In drawing both its potentially “other” characters closer to the question of love and affection (or, as Edelman puts it, love’s fantasy), FFVI uses this proximity to play up fears of magic threatening the ecology of the planet—and how only proper adherence to orderly behavior will maintain balance. Early in the game, just after Terra has transformed into an inhuman form for the first time, she flies away in a terrified panic; the party finds her near an Esper who, while noting that “[s]he is afraid of what she is, and that is a painful thing,” reminds those present that “if our power is used for destruction, the skies will darken and life will fade from the earth.” Later, after the world has fallen to Kefka, Terra only rejoins the party after she spends time with a young family with children; it is from them that she fully learns “love,” and in her goodbye statement to them, fuses a social and an ecological future together: “Thank you... You all helped me understand what it means... to love. I'll fight! I'll make this world a place where life can flourish, and children can grow up in peace!” Edelman’s view of the future as that held in perpetuity for the figure of the Child, that which explicitly makes the future worth fighting for (3), here is given direct voice by Terra—just as she uses it to distinguish herself from Kefka: “The very day the world collapsed, Kefka turned his Light of Judgment on this village. The adults... these kids' parents... They all died trying to protect their children... ” What restores Terra to that fight for the future is recognition of that which she possesses and the very thing that Kefka cannot, will not do: love and protect children. Rather, it is what he actively attempts to destroy. If, according to Edelman, “queerness names the side of those not ‘fighting for the children,’ the side outside the consensus by which all politics confirms the value of reproductive futurism” (3), Kefka makes for a decidedly vigorous proponent of this policy.5

Thus, Kefka is the marker—down to the very day—of the world’s end, and the direct problem facing our party of love. Morton argues that “the beautiful soul is dissolved when we recognize that we did it, we caused environmental destruction, not you, whoever you are” (Ecology without Nature 185), but FFVI allows for the continued fantasy of a distinct and definable “you” of the world’s fall that can be located, defined, and eventually defeated. Kefka’s rise to power literally reorders the environment, as well; upon first unleashing the Light of Judgment, continents shift across the map, towns vanish into the sea, caves emerge from unexpected places. Kefka, in essence, carries the singular load of negative human influence over environmental change; it is only through him that places become polluted, eroded, or altered in any significant way. Compare this to the sand-burrowing, continent-shifting Figaro Castle—which undoubtedly must have done something to the environment—and the reaction is decidedly different; its king, Edgar, who joins the player’s party early in the game, is introduced as “champion of the technological revolution.”

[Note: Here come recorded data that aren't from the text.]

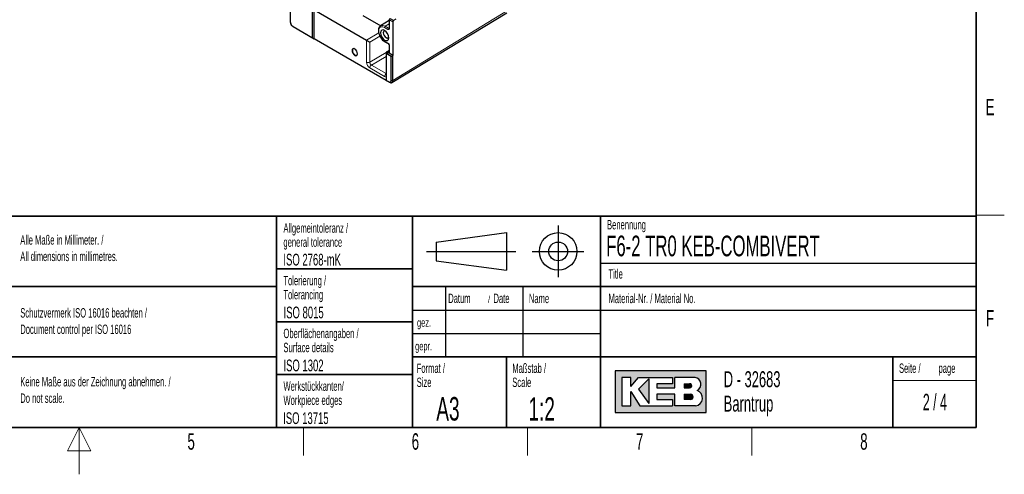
# Paper-space layout 'Blatt2' of a CAD drawing. Header units: millimetres. Extents: x 5 to 418, y 2 to 292.
# Tile 47 of 76: x 204 to 414, y 2 to 99. Entities that reach past the tile are written whole.
import ezdxf

# ---------------------------------------------------------------- set-up
doc = ezdxf.new("R2010")
doc.units = ezdxf.units.MM
doc.layers.add('SLD-0', color=7, linetype='Continuous')
doc.styles.add('SLDTEXTSTYLE0', font='TXT', dxfattribs={"width": 0.605})
doc.styles.add('SLDTEXTSTYLE1', font='TXT', dxfattribs={"width": 0.563})

# ---------------------------------------------------------------- blocks, each defined once
blk = doc.blocks.new('SW_NOTE_0_24')
at = {"layer": 'SLD-0', "color": 0, "char_height": 2, "attachment_point": 1, "style": 'SLDTEXTSTYLE0'}
for s, insert in [('Alle Maße in Millimeter. /', (0, 2.5781354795)), ('All dimensions in millimetres.', (0, -0.9218646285))]:
    blk.add_mtext(s, dxfattribs=dict(at, insert=insert))
blk = doc.blocks.new('SW_NOTE_0_27')
at = {"layer": 'SLD-0', "color": 0, "char_height": 2, "attachment_point": 1, "style": 'SLDTEXTSTYLE0'}
for s, insert in [('Keine Maße aus der Zeichnung abnehmen. /', (0, 2.5781354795)), ('Do not scale.', (0, -0.9218646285))]:
    blk.add_mtext(s, dxfattribs=dict(at, insert=insert))
blk = doc.blocks.new('SW_NOTE_0_28')
at = {"layer": 'SLD-0', "color": 0, "char_height": 2, "attachment_point": 1, "style": 'SLDTEXTSTYLE0'}
for s, insert in [('Schutzvermerk ISO 16016 beachten /', (0, 2.5781354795)), ('Document control per ISO 16016', (0, -0.9218646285))]:
    blk.add_mtext(s, dxfattribs=dict(at, insert=insert))
blk = doc.blocks.new('SW_NOTE_0_29')
at = {"layer": 'SLD-0', "color": 0, "char_height": 2, "attachment_point": 1, "style": 'SLDTEXTSTYLE0'}
for s, insert in [('Werkstückkanten/', (0, 2.5781354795)), ('Workpiece edges', (0, -0.4218645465))]:
    blk.add_mtext(s, dxfattribs=dict(at, insert=insert))
blk = doc.blocks.new('SW_NOTE_0_30')
at = {"layer": 'SLD-0', "color": 0, "char_height": 2, "attachment_point": 1, "style": 'SLDTEXTSTYLE0'}
for s, insert in [('Oberflächenangaben /', (0, 2.5781354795)), ('Surface details', (0, -0.4218645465))]:
    blk.add_mtext(s, dxfattribs=dict(at, insert=insert))
blk = doc.blocks.new('SW_NOTE_0_31')
at = {"layer": 'SLD-0', "color": 0, "char_height": 2, "attachment_point": 1, "style": 'SLDTEXTSTYLE0'}
for s, insert in [('Tolerierung /', (0, 2.5781354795)), ('Tolerancing', (0, -0.4218645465))]:
    blk.add_mtext(s, dxfattribs=dict(at, insert=insert))
blk = doc.blocks.new('SW_NOTE_0_32')
at = {"layer": 'SLD-0', "color": 0, "char_height": 2, "attachment_point": 1, "style": 'SLDTEXTSTYLE0'}
for s, insert in [('Allgemeintoleranz /', (0, 2.5781354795)), ('general tolerance', (0, -0.4218645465))]:
    blk.add_mtext(s, dxfattribs=dict(at, insert=insert))
blk = doc.blocks.new('SW_NOTE_0_33')
at = {"layer": 'SLD-0', "color": 0, "char_height": 2, "attachment_point": 1, "style": 'SLDTEXTSTYLE0'}
for s, insert in [('Format /', (0, 2.5781354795)), ('Size', (0, -0.4218645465))]:
    blk.add_mtext(s, dxfattribs=dict(at, insert=insert))
blk = doc.blocks.new('SW_NOTE_0_34')
at = {"layer": 'SLD-0', "color": 0, "attachment_point": 1, "style": 'SLDTEXTSTYLE0'}
for s, insert, char_height in [('Datum', (0, 2.5781354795), 2), ('/', (8.4829859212, 2.0780460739), 1.5), ('Date', (9.6392361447, 2.5781354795), 2)]:
    blk.add_mtext(s, dxfattribs=dict(at, insert=insert, char_height=char_height))
blk = doc.blocks.new('SW_NOTE_0_35')
at = {"layer": 'SLD-0', "color": 0, "char_height": 2, "attachment_point": 1, "style": 'SLDTEXTSTYLE0'}
for s, insert in [('Maßstab /', (0, 2.5781354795)), ('Scale', (0, -0.4218645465))]:
    blk.add_mtext(s, dxfattribs=dict(at, insert=insert))
blk = doc.blocks.new('SW_NOTE_0_36')
at = {"layer": 'SLD-0', "color": 0, "char_height": 3.4, "attachment_point": 1, "style": 'SLDTEXTSTYLE0'}
for s, insert in [('D - 32683', (0, 4.3828303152)), ('Barntrup', (0, -0.8171696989))]:
    blk.add_mtext(s, dxfattribs=dict(at, insert=insert))
blk = doc.blocks.new('SW_NOTE_0_37')
at = {"layer": 'SLD-0', "color": 0, "char_height": 2, "attachment_point": 1, "style": 'SLDTEXTSTYLE0'}
for s, insert in [('Seite /', (0, 2.5781354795)), ('page', (8.413542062, 2.5784205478))]:
    blk.add_mtext(s, dxfattribs=dict(at, insert=insert))

psp = doc.layouts.new('Blatt2')

# ---------------------------------------------------------------- hatches: boundary and pattern name
at = {"linetype": 'Continuous'}
h = psp.add_hatch(color=7, dxfattribs=at)
h.paths.add_polyline_path([(331.1423676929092, 15.18257760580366), (350.5207896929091, 15.18257760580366), (350.5207896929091, 24.04128480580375), (331.1423676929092, 24.04128480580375)], flags=0)
edge = h.paths.add_edge_path(flags=0)
edge.add_arc((347.9991875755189, 18.26988521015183), 1.720915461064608, -81.72003226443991, 70.17096003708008, ccw=False)
edge.add_line((348.2470169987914, 16.56690822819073), (348.2293995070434, 16.56675060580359))
edge.add_line((348.2293995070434, 16.56675060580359), (343.8767592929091, 16.56675060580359))
edge.add_line((343.8767592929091, 16.56675060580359), (343.8767592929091, 19.05826200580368))
edge.add_line((343.8767592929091, 19.05826200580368), (340.0010748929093, 19.05826200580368))
edge.add_line((340.0010748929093, 19.05826200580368), (340.0010748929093, 17.95092360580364))
edge.add_line((340.0010748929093, 17.95092360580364), (343.3230900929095, 17.95092360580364))
edge.add_line((343.3230900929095, 17.95092360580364), (343.3230900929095, 16.56675060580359))
edge.add_line((343.3230900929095, 16.56675060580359), (336.4022250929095, 16.56675060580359))
edge.add_line((336.4022250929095, 16.56675060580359), (334.4643828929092, 19.61193120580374))
edge.add_line((334.4643828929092, 19.61193120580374), (334.4643828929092, 16.56675060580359))
edge.add_line((334.4643828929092, 16.56675060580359), (332.5265406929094, 16.56675060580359))
edge.add_line((332.5265406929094, 16.56675060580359), (332.5265406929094, 22.65711180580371))
edge.add_line((332.5265406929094, 22.65711180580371), (334.4643828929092, 22.65711180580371))
edge.add_line((334.4643828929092, 22.65711180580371), (334.4643828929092, 20.71926960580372))
edge.add_line((334.4643828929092, 20.71926960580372), (336.1253904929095, 22.65711180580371))
edge.add_line((336.1253904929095, 22.65711180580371), (343.3230900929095, 22.65711180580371))
edge.add_line((343.3230900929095, 22.65711180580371), (343.3230900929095, 21.27293880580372))
edge.add_line((343.3230900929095, 21.27293880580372), (340.0010748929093, 21.27293880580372))
edge.add_line((340.0010748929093, 21.27293880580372), (340.0010748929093, 20.44243500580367))
edge.add_line((340.0010748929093, 20.44243500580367), (343.8767592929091, 20.44243500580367))
edge.add_line((343.8767592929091, 20.44243500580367), (343.8767592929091, 22.65711180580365))
edge.add_line((343.8767592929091, 22.65711180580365), (348.1497422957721, 22.65711180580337))
edge.add_line((348.1497422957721, 22.65711180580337), (348.151741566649, 22.65711180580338))
edge.add_line((348.151741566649, 22.65711180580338), (348.1521661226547, 22.65713246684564))
edge.add_arc((347.9523797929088, 21.20834406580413), 1.462498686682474, -64.4589412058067, 82.1484933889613, ccw=False)
psp.add_hatch(color=7, dxfattribs=at).paths.add_polyline_path([(338.3400672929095, 17.12041980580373), (338.3400672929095, 22.38027720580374), (336.1253904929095, 20.16560040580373)], flags=0)
h = psp.add_hatch(color=7, dxfattribs=at)
edge = h.paths.add_edge_path(flags=0)
edge.add_line((345.8146014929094, 20.44243500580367), (346.974194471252, 20.44243500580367))
edge.add_arc((347.0534490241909, 20.85768690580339), 0.4227474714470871, 259.1945394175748, 460.8054605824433)
edge.add_line((346.9741944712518, 21.27293880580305), (345.8146014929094, 21.27293880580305))
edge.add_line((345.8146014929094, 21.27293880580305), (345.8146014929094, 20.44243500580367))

Kefka’s final grandiose speech atop his titular Tower, seated among the statues of the gods, solidifies his anti-futurity stance while further binding him to physical and ecological destruction. To the party’s regenerative cry that “people can always rebuild, and new lives will always be born,” Kefka turns to the inevitability of decay: “And time will destroy all of those as well. Why do people insist on creating things that will inevitably be destroyed? Why do people cling to life, knowing that they must someday die? ...Knowing that none of it will have meant anything once they do?” To quote Edelman again, Kefka “opposes the fantasy that generates endless narratives of generation” (82), which is particularly fascinating in a game series based entirely on a Fantasy that can generate endlessly, both within itself as iterations of the same encoded narrative on the cartridge and later as its reproduction in later versions of the franchise. Thus, in his attempts to twist the knife further, asking the party, “And did you all find your ‘somethings’ in this broken world that just won't die?” it is not surprising Kefka is met with answers all about generations:

Terra: Love!

Locke: A person worth protecting.

Cyan: A life and child who live on within me.

Shadow: Friends...and family.

Edgar: A peaceful kingdom.

Sabin: A loving brother who always looks out for me! Gah-ha-ha-ha!

Celes: Someone willing to accept me for who I am.

Strago: An adorable little granddaughter.

Relm: An obnoxious grandpa...who I couldn't live without!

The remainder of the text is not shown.